I. Reactions to the questions, and survey topic

Critical comments:

Some respondents viewed the statements as condescending both to people with obesity or to health care staff, and others found the topic irrelevant, or questions difficult to answer. Some thought that body weight should not be brought up as it may make the pregnant woman unhappy.

”This topic belongs to the 90’s. We have come further.” Obstetrician no 11.

“I find it hard to answer such categorical questions, as I do not see patients with obesity as a homogeneous group, but instead they are as diverse as normal weight patients.” Midwife no 6.

Positive or confirmative comments:

Respondents confirmed the relevance of the topic of obesity, and the sensitivity around weight and described how participants are working dedicatedly with this patient group.

“It is a huge problem and I believe it is increasing. We now perceive normal weight patients as underweight.” Midwife no 3,

“It feels like this questionnaire was a good reminder of how I relate to obese people and to myself. Thank you!” Midwife no 39.

“We must strive towards a goal where obese patients are met with respect. It is deeply rooted among my colleagues, that obesity can be treated with diet and exercise.” Obstetrician no 14

“Since a pregnant woman is considered a risk -pregnancy, it is my obligation to make sure the pregnant women and her child will have an as safe pregnancy as possible. At the same time, I must consider that this may be a sensitive subject for the pregnant woman. It is a balancing act and it can be very difficult”. Midwife no 57.

II. Clarifications to quantitative answers

Explanations to why respondents had answered that they found pregnant women with obesity difficult, or preferred treating non-obese women. Reasons provided were that higher perinatal risks and practical matters (e.g. more difficult ultrasounds, harder to operate on, and more oral glucose tolerance tests), rather than the personality of women with obesity affected respondents answers.

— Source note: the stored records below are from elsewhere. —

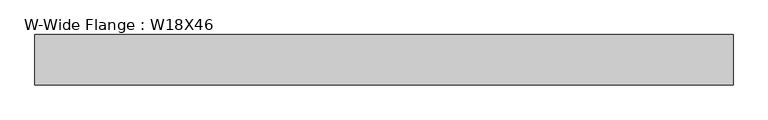
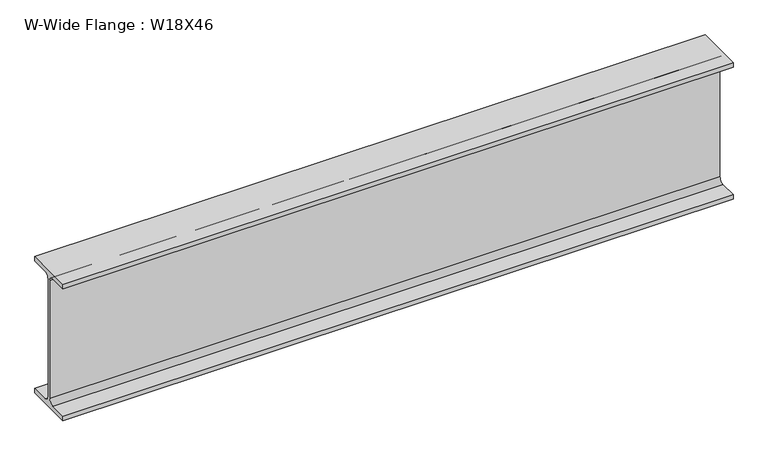
"""IFC4 building model written with IfcOpenShell, lengths in millimetres: beam geometry, W-Wide Flange : W18X46."""

from ifc_helpers import new_model, si_unit, point, frame, frame_2d, origin, place, context, project, spatial, polyline, circle_curve, trimmed, segment, composite_curve, outline, extrude, source, transform, mapped, element, save


def w_wide_flange_w18x46_89d715c2(model_context):
    return source(origin(), model_context, "Body", "SweptSolid", [
        extrude(outline(composite_curve([segment(polyline([(76.962, -214.503), (76.962, -229.87), (-76.962, -229.87), (-76.962, -214.503), (-20.955, -214.503)]), True, "CONTINUOUS"), segment(trimmed(circle_curve(frame_2d((-20.955, -198.12)), 16.383), [point((-20.955, -214.503))], [point((-4.572, -198.12))], True, "CARTESIAN"), True, "CONTINUOUS"), segment(polyline([(-4.572, -198.12), (-4.572, 198.12)]), True, "CONTINUOUS"), segment(trimmed(circle_curve(frame_2d((-20.955, 198.12)), 16.383), [point((-4.572, 198.12))], [point((-20.955, 214.503))], True, "CARTESIAN"), True, "CONTINUOUS"), segment(polyline([(-20.955, 214.503), (-76.962, 214.503), (-76.962, 229.87), (76.962, 229.87), (76.962, 214.503), (20.955, 214.503)]), True, "CONTINUOUS"), segment(trimmed(circle_curve(frame_2d((20.955, 198.12)), 16.383), [point((20.955, 214.503))], [point((4.572, 198.12))], True, "CARTESIAN"), True, "CONTINUOUS"), segment(polyline([(4.572, 198.12), (4.572, -198.12)]), True, "CONTINUOUS"), segment(trimmed(circle_curve(frame_2d((20.955, -198.12)), 16.383), [point((4.572, -198.12))], [point((20.955, -214.503))], True, "CARTESIAN"), True, "CONTINUOUS"), segment(polyline([(20.955, -214.503), (76.962, -214.503)]), True, "CONTINUOUS")], self_intersect=False)), frame((-1054.1, 0.0, 0.0), z_axis=(1.0, 0.0, 0.0), x_axis=(0.0, 1.0, 0.0)), (0.0, 0.0, 1.0), 2133.6),
    ])


if __name__ == "__main__":
    model = new_model("IFC4")
    model_context = context("Model", 3, world=origin())
    ifc_project = project(units=[si_unit("LENGTHUNIT", "METRE", prefix="MILLI")], contexts=[model_context])
    site = spatial("IfcSite", under=ifc_project)
    building = spatial("IfcBuilding", under=site)
    placement = place(None, origin())
    w_wide_flange_w18x46_shape = w_wide_flange_w18x46_89d715c2(model_context)
    element("IfcBeam", 1, ObjectType="W-Wide Flange : W18X46", at=placement, inside=building, context=model_context, shape_type="MappedRepresentation", body=[
        mapped(w_wide_flange_w18x46_shape, transform((0.0, 0.0, 0.0), x_axis=(1.0, 0.0, 0.0), y_axis=(0.0, 1.0, 0.0), z_axis=(0.0, 0.0, 1.0))),
    ])
    save(model, "model.ifc")

# Revit data of these elements
# Type "W-Wide Flange : W18X46"
#   Assembly Code = "B10"
#   W = 46
#   Length [instance default] = 5' - 0"
#   bf = 0' - 6.06"
#   d = 1' - 6.1"
#   k = 0' - 1 1/4"
#   k2 = 0' - 0.645"
#   tf = 0' - 0.605"
#   tw = 0' - 0.36"
#   A = 0.09375 SF
#   Structural Material [instance default] = Steel ASTM A992
# Element 1 (IfcBeam, "W-Wide Flange : W18X46")
#   Materials on its faces: "Steel ASTM A992"
# Materials
#   "Steel ASTM A992": class "Metal", colour RGB 199 199 199, transparency 0, Description = "Structural steel 50ksi", Cost = 0
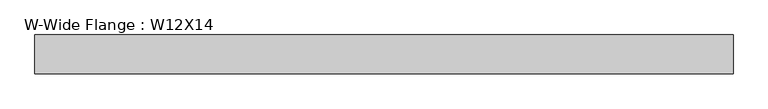
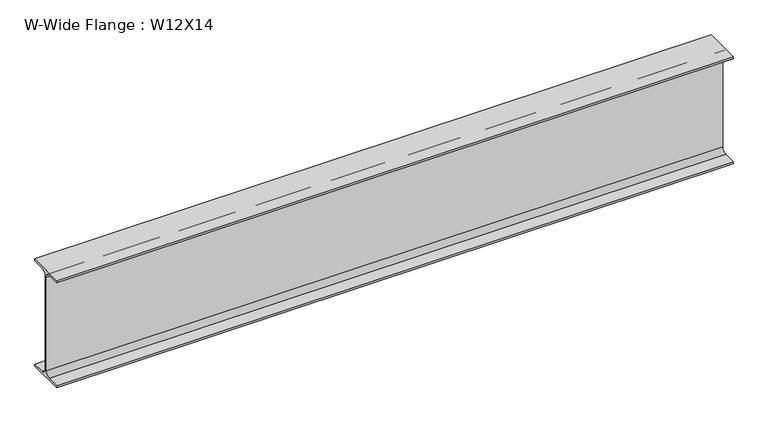
"""IFC4 building model written with IfcOpenShell, lengths in millimetres: beam geometry, W-Wide Flange : W12X14."""

from ifc_helpers import new_model, si_unit, point, frame, frame_2d, origin, place, context, project, spatial, polyline, circle_curve, trimmed, segment, composite_curve, outline, extrude, source, transform, mapped, element, save


def w_wide_flange_w12x14_67c1f98b(model_context):
    return source(origin(), model_context, "Body", "SweptSolid", [
        extrude(outline(composite_curve([segment(polyline([(50.419, -145.415), (50.419, -151.13), (-50.419, -151.13), (-50.419, -145.415), (-15.875, -145.415)]), True, "CONTINUOUS"), segment(trimmed(circle_curve(frame_2d((-15.875, -132.08)), 13.335), [point((-15.875, -145.415))], [point((-2.54, -132.08))], True, "CARTESIAN"), True, "CONTINUOUS"), segment(polyline([(-2.54, -132.08), (-2.54, 132.08)]), True, "CONTINUOUS"), segment(trimmed(circle_curve(frame_2d((-15.875, 132.08)), 13.335), [point((-2.54, 132.08))], [point((-15.875, 145.415))], True, "CARTESIAN"), True, "CONTINUOUS"), segment(polyline([(-15.875, 145.415), (-50.419, 145.415), (-50.419, 151.13), (50.419, 151.13), (50.419, 145.415), (15.875, 145.415)]), True, "CONTINUOUS"), segment(trimmed(circle_curve(frame_2d((15.875, 132.08)), 13.335), [point((15.875, 145.415))], [point((2.54, 132.08))], True, "CARTESIAN"), True, "CONTINUOUS"), segment(polyline([(2.54, 132.08), (2.54, -132.08)]), True, "CONTINUOUS"), segment(trimmed(circle_curve(frame_2d((15.875, -132.08)), 13.335), [point((2.54, -132.08))], [point((15.875, -145.415))], True, "CARTESIAN"), True, "CONTINUOUS"), segment(polyline([(15.875, -145.415), (50.419, -145.415)]), True, "CONTINUOUS")], self_intersect=False)), frame((-915.162, 0.0, 0.0), z_axis=(1.0, 0.0, 0.0), x_axis=(0.0, 1.0, 0.0)), (0.0, 0.0, 1.0), 1804.162),
    ])


if __name__ == "__main__":
    model = new_model("IFC4")
    model_context = context("Model", 3, world=origin())
    ifc_project = project(units=[si_unit("LENGTHUNIT", "METRE", prefix="MILLI")], contexts=[model_context])
    site = spatial("IfcSite", under=ifc_project)
    building = spatial("IfcBuilding", under=site)
    placement = place(None, origin())
    w_wide_flange_w12x14_shape = w_wide_flange_w12x14_67c1f98b(model_context)
    element("IfcBeam", 1, ObjectType="W-Wide Flange : W12X14", at=placement, inside=building, context=model_context, shape_type="MappedRepresentation", body=[
        mapped(w_wide_flange_w12x14_shape, transform((0.0, 0.0, 0.0), x_axis=(1.0, 0.0, 0.0), y_axis=(0.0, 1.0, 0.0), z_axis=(0.0, 0.0, 1.0))),
    ])
    save(model, "model.ifc")

# Revit data of these elements
# Type "W-Wide Flange : W12X14"
#   Assembly Code = "B10"
#   W = 14
#   Length [instance default] = 5' - 0"
#   bf = 0' - 3.97"
#   d = 0' - 11.9"
#   k = 0' - 0 3/4"
#   k2 = 0' - 0.525"
#   tf = 0' - 0.225"
#   tw = 0' - 0.2"
#   A = 0.0288889 SF
#   Structural Material [instance default] = Steel ASTM A992
# Element 1 (IfcBeam, "W-Wide Flange : W12X14")
#   Materials on its faces: "Steel ASTM A992"
# Materials
#   "Steel ASTM A992": class "Metal", colour RGB 199 199 199, transparency 0, Description = "Structural steel 50ksi", Cost = 0
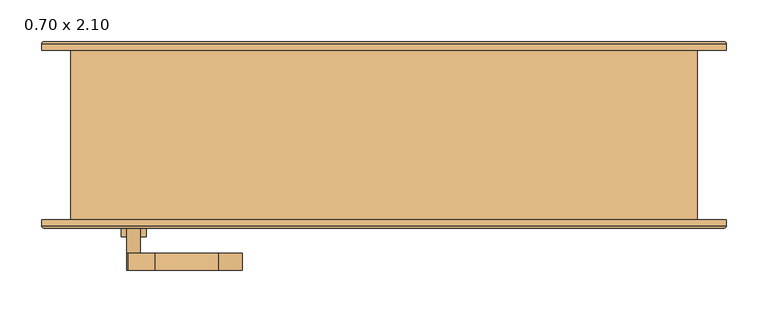
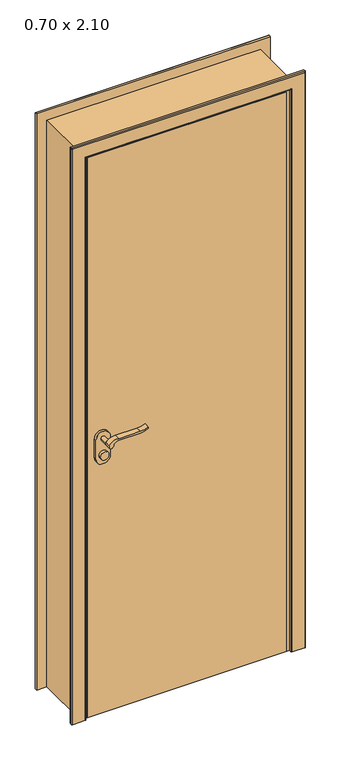
"""IFC4 building model written with IfcOpenShell, lengths in millimetres: door geometry, .CC_ND 300_PORTA SIMPLES DE ABRIR_COM EXTENSÃO : 0.70 x 2.10."""

import ifcopenshell
import ifcopenshell.guid

model = None  # the IFC model being written
_history = None  # IfcOwnerHistory: only IFC2X3 demands one
_inside = {}  # id of a spatial element -> (the spatial element, [elements in it])
_under = {}  # id of a project, library or spatial element -> (it, [spatial elements below it])
_declared = {}  # id of a project -> (the project, [libraries it declares])
_typed = {}  # id of a type object -> (the type object, [elements of that type])
_made_of = {}  # id of a material, layer set ... -> (it, [elements and type objects made of it])


def new_model(schema):
    """Start an empty IFC model of exactly this schema.

    Asked for "IFC4X3", IfcOpenShell would pick the latest addendum, in which some entities
    have other attributes; the version numbers below select the first issue.
    IFC2X3 requires an IfcOwnerHistory on every rooted entity: one is made here for all.
    """
    global model, _history
    if schema == "IFC4X3":
        model = ifcopenshell.file(schema_version=(4, 3, 0, 0))
    else:
        model = ifcopenshell.file(schema=schema)
    _inside.clear()
    _under.clear()
    _declared.clear()
    _typed.clear()
    _made_of.clear()
    _history = None
    if model.schema == "IFC2X3":
        org = make("IfcOrganization", Name="unknown")
        user = make(
            "IfcPersonAndOrganization",
            ThePerson=make("IfcPerson", FamilyName="unknown"),
            TheOrganization=org,
        )
        app = make(
            "IfcApplication",
            ApplicationDeveloper=org,
            Version="unknown",
            ApplicationFullName="unknown",
            ApplicationIdentifier="unknown",
        )
        _history = make(
            "IfcOwnerHistory",
            OwningUser=user,
            OwningApplication=app,
            ChangeAction="ADDED",
            CreationDate=0,
        )
    return model


def make(cls, **values):
    """One entity of the class cls with the attributes given. An attribute that is None is left unset."""
    return model.create_entity(
        cls, **{name: value for name, value in values.items() if value is not None}
    )


def rooted(cls, **values):
    """An entity with a GlobalId (a new one), such as an element, a storey or a relation."""
    return make(cls, GlobalId=ifcopenshell.guid.new(), OwnerHistory=_history, **values)


def si_unit(unit_type, name, prefix=None):
    """IfcSIUnit, for example si_unit("LENGTHUNIT", "METRE", prefix="MILLI")."""
    return make("IfcSIUnit", UnitType=unit_type, Prefix=prefix, Name=name)


def assignment(units):
    """IfcUnitAssignment: the units of a project."""
    return None if units is None else make("IfcUnitAssignment", Units=units)


def point(xyz):
    """IfcCartesianPoint."""
    return None if xyz is None else make("IfcCartesianPoint", Coordinates=xyz)


def direction(xyz):
    """IfcDirection."""
    return None if xyz is None else make("IfcDirection", DirectionRatios=xyz)


def frame(location, z_axis=None, x_axis=None):
    """IfcAxis2Placement3D, a coordinate frame: its origin and axes. An axis left out is left unset."""
    return make(
        "IfcAxis2Placement3D",
        Location=point(location),
        Axis=direction(z_axis),
        RefDirection=direction(x_axis),
    )


def frame_2d(location, x_axis=None):
    """IfcAxis2Placement2D, a coordinate frame in the plane: its origin and x axis."""
    return make(
        "IfcAxis2Placement2D", Location=point(location), RefDirection=direction(x_axis)
    )


def origin():
    """The frame at (0, 0, 0) with its axes left unset."""
    return frame((0.0, 0.0, 0.0))


def origin_with_axes():
    """The frame at (0, 0, 0) with the z axis (0, 0, 1) and the x axis (1, 0, 0) written out."""
    return frame((0.0, 0.0, 0.0), z_axis=(0.0, 0.0, 1.0), x_axis=(1.0, 0.0, 0.0))


def place(relative_to, where):
    """IfcLocalPlacement: puts the frame where relative to a parent placement (None: the world)."""
    return make(
        "IfcLocalPlacement", PlacementRelTo=relative_to, RelativePlacement=where
    )


def context(
    kind, dimensions, precision=None, world=None, true_north=None, identifier=None
):
    """IfcGeometricRepresentationContext, for example the 3D "Model" context."""
    return make(
        "IfcGeometricRepresentationContext",
        ContextIdentifier=identifier,
        ContextType=kind,
        CoordinateSpaceDimension=dimensions,
        Precision=precision,
        WorldCoordinateSystem=world,
        TrueNorth=true_north,
    )


def project(units=None, contexts=None):
    """IfcProject with its units and contexts."""
    return rooted(
        "IfcProject",
        Name="project",
        RepresentationContexts=contexts,
        UnitsInContext=assignment(units),
    )


def spatial(cls, under=None, at=None, **own):
    """A site, building, storey or space (cls), placed at a placement, below another one or the project."""
    s = rooted(cls, ObjectPlacement=at, **own)
    if under is not None:
        _under.setdefault(under.id(), (under, []))[1].append(s)
    return s


def polyline(points):
    """IfcPolyline through the points."""
    return make("IfcPolyline", Points=[point(p) for p in points])


def circle_curve(where, radius):
    """IfcCircle in the frame where."""
    return make("IfcCircle", Position=where, Radius=radius)


def ellipse_curve(where, semi_axis1, semi_axis2):
    """IfcEllipse in the frame where."""
    return make(
        "IfcEllipse", Position=where, SemiAxis1=semi_axis1, SemiAxis2=semi_axis2
    )


def trimmed(basis, trim1, trim2, sense, master):
    """IfcTrimmedCurve: the piece of a basis curve between two trims."""
    return make(
        "IfcTrimmedCurve",
        BasisCurve=basis,
        Trim1=trim1,
        Trim2=trim2,
        SenseAgreement=sense,
        MasterRepresentation=master,
    )


def segment(curve, same_sense, transition):
    """IfcCompositeCurveSegment."""
    return make(
        "IfcCompositeCurveSegment",
        Transition=transition,
        SameSense=same_sense,
        ParentCurve=curve,
    )


def composite_curve(segments, self_intersect=None):
    """IfcCompositeCurve: segments joined end to end."""
    return make("IfcCompositeCurve", Segments=segments, SelfIntersect=self_intersect)


def outline(outer, holes=None, kind="AREA"):
    """IfcArbitraryClosedProfileDef: a profile drawn as a closed curve; with holes, ...WithVoids."""
    if holes is None:
        return make("IfcArbitraryClosedProfileDef", ProfileType=kind, OuterCurve=outer)
    return make(
        "IfcArbitraryProfileDefWithVoids",
        ProfileType=kind,
        OuterCurve=outer,
        InnerCurves=holes,
    )


def extrude(swept, where, along, depth):
    """IfcExtrudedAreaSolid: the profile swept, set in the frame where, extruded along a direction by depth."""
    return make(
        "IfcExtrudedAreaSolid",
        SweptArea=swept,
        Position=where,
        ExtrudedDirection=direction(along),
        Depth=depth,
    )


def faces_of(points, faces, orient=None, outer=None):
    """IfcFace entities. A face is a list of loops; a loop is a list of indices into points, from 0.

    orient and outer hold one flag for each loop. By default every Orientation is true, the
    first loop of a face is its IfcFaceOuterBound and the others are IfcFaceBound.
    """
    made = []
    for i, loops in enumerate(faces):
        bounds = []
        for j, loop in enumerate(loops):
            is_outer = j == 0 if outer is None else outer[i][j]
            bounds.append(
                make(
                    "IfcFaceOuterBound" if is_outer else "IfcFaceBound",
                    Bound=make("IfcPolyLoop", Polygon=[points[k] for k in loop]),
                    Orientation=True if orient is None else orient[i][j],
                )
            )
        made.append(make("IfcFace", Bounds=bounds))
    return made


def faceted_brep(points, faces, orient=None, outer=None, voids=None):
    """IfcFacetedBrep: a solid bounded by flat faces; with voids (closed shells), ...WithVoids."""
    shared = [point(p) for p in points]
    hull = make("IfcClosedShell", CfsFaces=faces_of(shared, faces, orient, outer))
    if voids is None:
        return make("IfcFacetedBrep", Outer=hull)
    return make(
        "IfcFacetedBrepWithVoids",
        Outer=hull,
        Voids=[
            make(cls, CfsFaces=faces_of(shared, fs, o, b)) for cls, fs, o, b in voids
        ],
    )


def shape(context_of_items, identifier, shape_type, items):
    """IfcShapeRepresentation: the items that make up one representation, for example the "Body"."""
    return make(
        "IfcShapeRepresentation",
        ContextOfItems=context_of_items,
        RepresentationIdentifier=identifier,
        RepresentationType=shape_type,
        Items=items,
    )


def source(mapping_origin, context_of_items, identifier, shape_type, items):
    """IfcRepresentationMap: a shape defined once, which mapped items show again and again."""
    return make(
        "IfcRepresentationMap",
        MappingOrigin=mapping_origin,
        MappedRepresentation=shape(context_of_items, identifier, shape_type, items),
    )


def transform(
    local_origin,
    x_axis=None,
    y_axis=None,
    z_axis=None,
    scale=None,
    scale2=None,
    scale3=None,
    uniform=True,
):
    """IfcCartesianTransformationOperator3D, or its non-uniform kind. x_axis, y_axis, z_axis: its Axis1, 2, 3."""
    if uniform:
        return make(
            "IfcCartesianTransformationOperator3D",
            Axis1=direction(x_axis),
            Axis2=direction(y_axis),
            LocalOrigin=point(local_origin),
            Scale=scale,
            Axis3=direction(z_axis),
        )
    return make(
        "IfcCartesianTransformationOperator3DnonUniform",
        Axis1=direction(x_axis),
        Axis2=direction(y_axis),
        LocalOrigin=point(local_origin),
        Scale=scale,
        Axis3=direction(z_axis),
        Scale2=scale2,
        Scale3=scale3,
    )


def mapped(mapping_source, mapping_target):
    """IfcMappedItem: shows the shape of a source again, moved by a transform."""
    return make(
        "IfcMappedItem", MappingSource=mapping_source, MappingTarget=mapping_target
    )


def made_of(thing, what):
    """Note that an element or type object is made of a material, layer set ...; save() writes the relation."""
    if what is not None:
        _made_of.setdefault(what.id(), (what, []))[1].append(thing)
    return thing


def element(
    cls,
    number,
    at=None,
    inside=None,
    cuts=None,
    type_object=None,
    material=None,
    context=None,
    identifier="Body",
    shape_type=None,
    held_by="IfcProductDefinitionShape",
    body=None,
    shapes=None,
    **own,
):
    """One element of the class cls, such as IfcWall. Its Tag is "e" and its number.

    at: its placement. inside: the storey or other place that contains it. cuts: it is an
    opening in that element (IfcRelVoidsElement). A single representation is given by context,
    identifier, shape_type and body (its items); several are given by shapes. held_by: the class
    of the entity that holds the representations. save() writes the other relations.
    """
    e = rooted(cls, Tag="e%d" % number, ObjectPlacement=at, **own)
    if body is not None:
        shapes = [shape(context, identifier, shape_type, body)]
    if shapes is not None:
        e.Representation = make(held_by, Representations=shapes)
    if inside is not None:
        _inside.setdefault(inside.id(), (inside, []))[1].append(e)
    if cuts is not None:
        rooted(
            "IfcRelVoidsElement", RelatingBuildingElement=cuts, RelatedOpeningElement=e
        )
    if type_object is not None:
        _typed.setdefault(type_object.id(), (type_object, []))[1].append(e)
    return made_of(e, material)


def aggregate(whole, parts):
    """IfcRelAggregates: a whole, such as a stair, and the parts it consists of."""
    return rooted("IfcRelAggregates", RelatingObject=whole, RelatedObjects=parts)


def save(model, path):
    """Write the relations noted so far, then the file.

    IfcRelAggregates (storeys below a building ...), IfcRelContainedInSpatialStructure (elements
    in a storey), IfcRelDefinesByType, IfcRelAssociatesMaterial and IfcRelDeclares: one each for
    every whole, place, type object, material and project.
    """
    for whole, parts in _under.values():
        aggregate(whole, parts)
    for where, things in _inside.values():
        rooted(
            "IfcRelContainedInSpatialStructure",
            RelatedElements=things,
            RelatingStructure=where,
        )
    for kind, things in _typed.values():
        rooted("IfcRelDefinesByType", RelatedObjects=things, RelatingType=kind)
    for what, things in _made_of.values():
        rooted("IfcRelAssociatesMaterial", RelatedObjects=things, RelatingMaterial=what)
    for by, libraries in _declared.values():
        rooted("IfcRelDeclares", RelatingContext=by, RelatedDefinitions=libraries)
    model.write(path)


def plane_surface(at):
    """IfcPlane: the flat surface through the origin of the frame at, square to its z axis."""
    return make("IfcPlane", Position=at)


def cylinder_surface(at, radius):
    """IfcCylindricalSurface: all points at the distance radius from the z axis of the frame at."""
    return make("IfcCylindricalSurface", Position=at, Radius=radius)


def advanced_brep(points, edges, surfaces, faces):
    """IfcAdvancedBrep: a solid bounded by faces that lie on surfaces and meet in shared edges.

    An edge is (start, end): straight between two places in points (the first is 0);
    or (start, end, curve); or (start, end, curve, False) where it runs against its curve.
    A face is (place in surfaces, loops), or (place, loops, False) where it looks against
    its surface's normal. A loop lists edges by number (the first is 1), with a minus sign
    where the edge is run from its end to its start. The first loop is the outer one.
    """
    corners = [point(p) for p in points]
    vertices = [make("IfcVertexPoint", VertexGeometry=c) for c in corners]
    made = []
    for start, end, *more in edges:
        made.append(
            make(
                "IfcEdgeCurve",
                EdgeStart=vertices[start],
                EdgeEnd=vertices[end],
                EdgeGeometry=more[0] if more else make("IfcPolyline", Points=[corners[start], corners[end]]),
                SameSense=more[1] if len(more) > 1 else True,
            )
        )
    hull = []
    for where, loops, *sense in faces:
        bounds = []
        for j, loop in enumerate(loops):
            ring = [make("IfcOrientedEdge", EdgeElement=made[abs(k) - 1], Orientation=k > 0) for k in loop]
            bounds.append(
                make(
                    "IfcFaceOuterBound" if j == 0 else "IfcFaceBound",
                    Bound=make("IfcEdgeLoop", EdgeList=ring),
                    Orientation=True,
                )
            )
        hull.append(make("IfcAdvancedFace", Bounds=bounds, FaceSurface=surfaces[where], SameSense=sense[0] if sense else True))
    return make("IfcAdvancedBrep", Outer=make("IfcClosedShell", CfsFaces=hull))


def door_0_70_x_2_10_0ff34c02(model_context):
    return source(origin(), model_context, "Body", "SolidModel", [
        extrude(outline(composite_curve([segment(trimmed(circle_curve(frame_2d((964.5, -300.0)), 15.0), [point((964.5, -285.0))], [point((964.5, -315.0))], False, "CARTESIAN"), True, "CONTINUOUS"), segment(trimmed(circle_curve(frame_2d((964.5, -300.0)), 15.0), [point((964.5, -315.0))], [point((964.5, -285.0))], False, "CARTESIAN"), True, "CONTINUOUS")], self_intersect=False)), frame((0.0, -136.4, 0.0), z_axis=(0.0, 1.0, 0.0), x_axis=(0.0, 0.0, 1.0)), (0.0, 0.0, 1.0), 10.0),
        extrude(outline(composite_curve([segment(trimmed(circle_curve(frame_2d((964.5, -300.0)), 15.0), [point((964.5, -285.0))], [point((964.5, -315.0))], False, "CARTESIAN"), True, "CONTINUOUS"), segment(trimmed(circle_curve(frame_2d((964.5, -300.0)), 15.0), [point((964.5, -315.0))], [point((964.5, -285.0))], False, "CARTESIAN"), True, "CONTINUOUS")], self_intersect=False)), frame((0.0, -76.4, 0.0), z_axis=(0.0, 1.0, 0.0), x_axis=(0.0, 0.0, 1.0)), (0.0, 0.0, 1.0), 10.0),
        extrude(outline(composite_curve([segment(trimmed(circle_curve(frame_2d((1024.5, -300.0)), 8.0), [point((1029.1523287, -306.5081363))], [point((1024.5, -292.0))], False, "CARTESIAN"), True, "CONTINUOUS"), segment(trimmed(circle_curve(frame_2d((1019.3738613, -274.6138099)), 18.1261387), [point((1024.5, -292.0))], [point((1037.5, -274.6138099))], True, "CARTESIAN"), True, "CONTINUOUS"), segment(polyline([(1037.5, -274.6138099), (1037.5, -198.3564091)]), True, "CONTINUOUS"), segment(trimmed(circle_curve(frame_2d((1096.7709207, -201.9396612)), 59.3791355), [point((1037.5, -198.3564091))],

… and as obstetrician I am responsible for lives when a woman with severe obesity is giving birth. It is not because I have a condescending view on the person but because there is a factual medical risk.” Obstetrician no 2.

“My reluctance to treat patients with a high BMI, depends solely on that it is so much more difficult to do a good job / … / because the patient’s BMI is associated with an incredible amount of medical risks” Obstetrician no 16.

III. Suggested areas for weight management improvement

Stories from respondents own experiences reflected empathy and concern for women with obesity, as well as displayed areas where improvements of gestational weight gain management could be made. Factors mentioned were: lack of time, lack of access to dieticians, psychological support, or obesity treatment teams, a wish for written material about weight, access to water aerobics, walking groups, training in communication skills, and obesity education in general.

”I think maternity care should have access to a dietician who can see the overweight, and especially the obese patients. We midwives can support/motivate overweight women up to a certain point, but then something more is needed. Above all, I am a midwife, not a dietician” Midwife no 4

“Most women know how they should eat, but because of anxiety or other hinders, they are unable to. Unless they have anorexia, there is no one we can refer them to who can take their eating problems seriously. This is a forgotten patient group, and we [midwives] lack education to help them. It feels rather stupid to just talk about the right diet, when there is so much more behind it.” Midwife no 37

“It is a challenge to talk about body weight with overweight women. However, It is not the knowledge I’m lacking, but the communication skills” Midwife no 10.

“Give midwives more time to perform professional conversations. The medical duties take up 90% of the work time” Midwife no 62.